Clausola di salvaguardia, Svp in pressing su Bressa

I criteri attuativi non danno garanzie: il Parlamento può decidere con i due terzi Riforma costituzionale, Zeller incalza: «Non ci faremo scavalcare sullo Statuto»


di Francesca Gonzato


BOLZANO. Dietro i sorrisi e i complimenti reciproci, tra Bolzano, Trento e Roma è in corso un pesante braccio di ferro sulla riforma costituzionale e sulla famosa clausola di salvaguardia per le autonomie speciali. «Per la prima volta abbiamo ottenuto una sorta di un potere di veto sulle modifiche al nostro Statuto», rivendica il presidente provinciale Arno Kompatscher. È vero, ma c’è un retroscena tenuto finora lontano dai riflettori e che sta mettendo alla prova il buon clima tra Pd e Svp. È una potenziale «bomba», che annullerebbe la stessa clausola di salvaguardia, tanto che il senatore Karl Zeller riassume così la situazione: «Quella cosa lì non andrà avanti, non la accetteremo mai». Si tratta delle regole di applicazione della clausola di salvaguardia, elaborate in bozza da un gruppo di lavoro delle regioni speciali coordinato dal sottosegretario Gianclaudio Bressa. In caso di mancato accordo, le modifiche allo Statuto potranno essere votate dal Parlamento senza il consenso delle «speciali». Anche a questo si riferiscono i presidenti Kompatscher e Rossi, quando chiedono «ulteriori garanzie» sull’autonomia in vista del referendum sulla riforma costituzionale. Riccardo Dello Sbarba (Verdi) non è sorpreso: «L’unica garanzia per le autonomie speciali è che la riforma costituzionale venga bocciata al referendum. La Svp prova a salvare il salvabile, ma la clausola di garanzia è debole e il miglior risultato possibile sarà avere poche “speciali” tutelate, circondate da regioni svuotate di poteri. A quel punto sarà più facile smontare anche le autonomie, vero obiettivo del governo». Nella riforma costituzionale è prevista una clausola di garanzia ad hoc: il nuovo impianto costituzionale non verrà adottato nelle Regioni e Province speciali fino alla modifica degli Statuti e tale modifica dovrà essere frutto di una intesa tra lo Stato e questi territori. Una blindatura, di fatto. Ma quali regole governeranno l’intesa? Qui inizia la materia più scivolosa, ammesso che al referendum vincano i «sì».

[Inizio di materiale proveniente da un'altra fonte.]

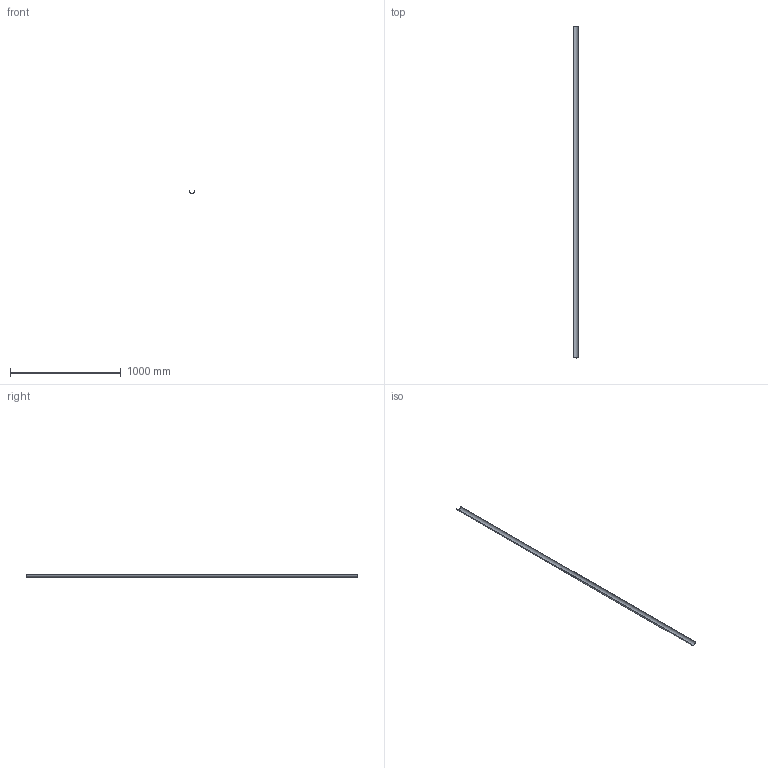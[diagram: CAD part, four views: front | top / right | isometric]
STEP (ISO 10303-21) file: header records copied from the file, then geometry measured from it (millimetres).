
FILE_DESCRIPTION(/* description */ (''),/* implementation_level */ '2;1');
FILE_NAME(/* name */ 'Z:\Geberit\Export\NewStep\361850.stp',/* time_stamp */ '2014-04-01T21:08:22+02:00',/* author */ ('bruh'),/* organization */ (''),/* preprocessor_version */ 'ST-DEVELOPER v15.2',/* originating_system */ 'Autodesk Inventor 2014',/* authorisation */ '');
FILE_SCHEMA (('AUTOMOTIVE_DESIGN { 1 0 10303 214 3 1 1 }'));
Length unit declared in the file: millimetre
Products named in the file (1): 361850
Bounding box: 51.5 x 3000 x 25.75 mm (x, y, z)
Volume: 179365.3 mm3; surface area: 482927.1 mm2
Topology: 1 solids, 1 shells, 6 faces, 12 edges, 8 vertices
Faces by surface type: plane 4, cylinder 2
Entity records: 187 total; most frequent: DIRECTION 30, CARTESIAN_POINT 27, ORIENTED_EDGE 24, EDGE_CURVE 12, AXIS2_PLACEMENT_3D 11, LINE 8, VECTOR 8, VERTEX_POINT 8
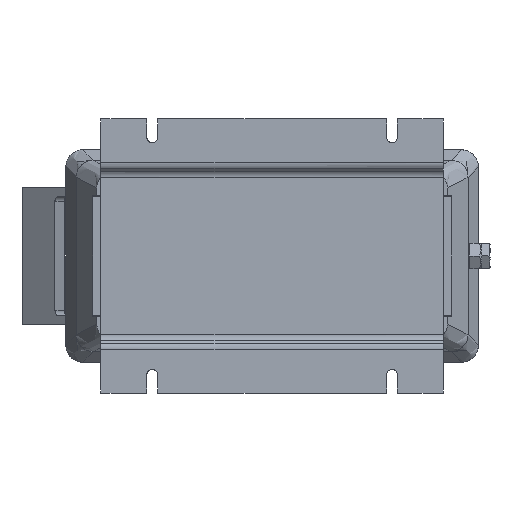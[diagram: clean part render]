
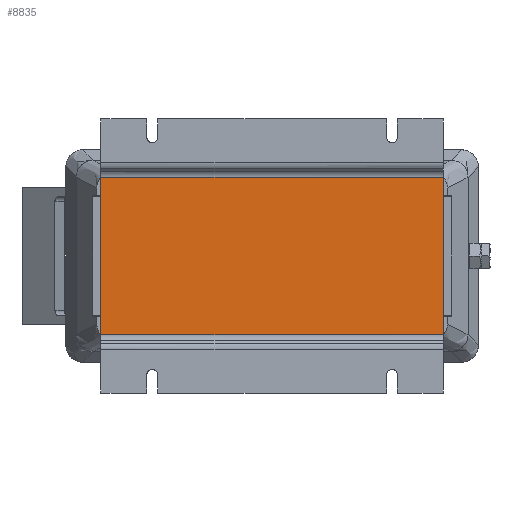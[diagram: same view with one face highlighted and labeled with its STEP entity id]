
A CAD part, front view. The second image highlights one B-rep face of the part: STEP entity #8835.
In plain terms, the highlighted planar face has unit normal (0, -1, 0).
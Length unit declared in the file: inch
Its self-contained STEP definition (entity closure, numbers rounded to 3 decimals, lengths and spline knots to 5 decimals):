
#2683 = CARTESIAN_POINT ( 'NONE',  ( -5., -0.11, 2.29455 ) ) ;
#2721 = CARTESIAN_POINT ( 'NONE',  ( 5., -0.11, 2.29455 ) ) ;
#2737 = DIRECTION ( 'NONE',  ( 1., 0., 0. ) ) ;
#2738 = VECTOR ( 'NONE', #2737, 39.37008 ) ;
#2739 = CARTESIAN_POINT ( 'NONE',  ( -5., -0.11, -2.29455 ) ) ;
#2740 = LINE ( 'NONE', #2739, #2738 ) ;
#2774 = CARTESIAN_POINT ( 'NONE',  ( -5., -0.11, -2.29455 ) ) ;
#2775 = DIRECTION ( 'NONE',  ( 0., 0., -1. ) ) ;
#2776 = VECTOR ( 'NONE', #2775, 39.37008 ) ;
#2777 = CARTESIAN_POINT ( 'NONE',  ( -5., -0.11, 0. ) ) ;
#2778 = LINE ( 'NONE', #2777, #2776 ) ;
#2837 = DIRECTION ( 'NONE',  ( 1., 0., 0. ) ) ;
#2838 = VECTOR ( 'NONE', #2837, 39.37008 ) ;
#2845 = CARTESIAN_POINT ( 'NONE',  ( -5., -0.11, 2.29455 ) ) ;
#2846 = LINE ( 'NONE', #2845, #2838 ) ;
#2887 = CARTESIAN_POINT ( 'NONE',  ( 5., -0.11, -2.29455 ) ) ;
#2888 = DIRECTION ( 'NONE',  ( 0., 0., 1. ) ) ;
#2889 = VECTOR ( 'NONE', #2888, 39.37008 ) ;
#2890 = CARTESIAN_POINT ( 'NONE',  ( 5., -0.11, 0. ) ) ;
#2891 = LINE ( 'NONE', #2890, #2889 ) ;
#2892 = DIRECTION ( 'NONE',  ( 0., 0., -1. ) ) ;
#2893 = DIRECTION ( 'NONE',  ( 0., -1., 0. ) ) ;
#2894 = CARTESIAN_POINT ( 'NONE',  ( -5., -0.11, 2.29455 ) ) ;
#2895 = AXIS2_PLACEMENT_3D ( 'NONE', #2894, #2893, #2892 ) ;
#2896 = PLANE ( 'NONE',  #2895 ) ;
#2897 = FACE_OUTER_BOUND ( 'NONE', #8836, .T. ) ;
#8717 = VERTEX_POINT ( 'NONE', #2683 ) ;
#8719 = VERTEX_POINT ( 'NONE', #2721 ) ;
#8758 = ORIENTED_EDGE ( 'NONE', *, *, #8759, .T. ) ;
#8759 = EDGE_CURVE ( 'NONE', #8778, #8839, #2740, .T. ) ;
#8775 = ORIENTED_EDGE ( 'NONE', *, *, #8798, .F. ) ;
#8776 = ORIENTED_EDGE ( 'NONE', *, *, #8777, .T. ) ;
#8777 = EDGE_CURVE ( 'NONE', #8717, #8778, #2778, .T. ) ;
#8778 = VERTEX_POINT ( 'NONE', #2774 ) ;
#8798 = EDGE_CURVE ( 'NONE', #8717, #8719, #2846, .T. ) ;
#8835 = ADVANCED_FACE ( 'NONE', ( #2897 ), #2896, .T. ) ;
#8836 = EDGE_LOOP ( 'NONE', ( #8837, #8775, #8776, #8758 ) ) ;
#8837 = ORIENTED_EDGE ( 'NONE', *, *, #8838, .T. ) ;
#8838 = EDGE_CURVE ( 'NONE', #8839, #8719, #2891, .T. ) ;
#8839 = VERTEX_POINT ( 'NONE', #2887 ) ;

Alla procedura per l’adeguamento delle autonomie speciali alla nuova Costituzione è dedicata la «proposta di sintesi in materia di previa intesa» elaborata nell’agosto del 2015 dopo il lavoro di Bressa con i presidenti delle giunte e dei consigli regionali delle autonomie speciali. Se questa resterà la linea, la proposta, anticipa Bressa, dovrà diventare a sua volta un disegno di legge costituzionale. «Per noi non esiste», ribadisce Zeller. Secondo l’ipotesi avversata dalla Svp, il consiglio regionale dovrebbe esprimersi entro tre mesi su un testo di modifiche allo Statuto approvato dalle Camere. In caso di voto contrario del Consiglio o di mancata risposta, il presidente del Senato convocherà una «commissione paritaria di convergenza» composta da due senatori, due deputati e quattro consiglieri regionali designati dai rispettivi presidenti, che avrà altri tre mesi per inviare al parlamento una proposta «condivisa all’unanimità». Se la Commissione non troverà un accordo, la legge di modifica dello Statuto potrà essere approvata dal Parlamento con la maggioranza dei due terzi. Così Bressa: «Non si può lasciare alle Regioni un diritto di veto assoluto sulle modifiche costituzionali, il cui potere spetta al Parlamento». Bolzano e Trento sarebbero però al sicuro, secondo il sottosegretario: «Lo Statuto del Trentino Alto Adige ha una protezione in più garantita dall’accordo internazionale». La Svp non si fida e va in pressing sul governo. «Dovrebbero inserire un passaggio ad hoc sull’accordo con l’Austria», conferma Zeller, «Ma il governo non intende farlo. E allora diciamo che su questa procedura non daremo il consenso». Zeller rivendica però il lavoro fatto finora: «La clausola di salvaguardia è ottima, nonostante ciò che dicono “scienziati” come l’ex senatore Peterlini».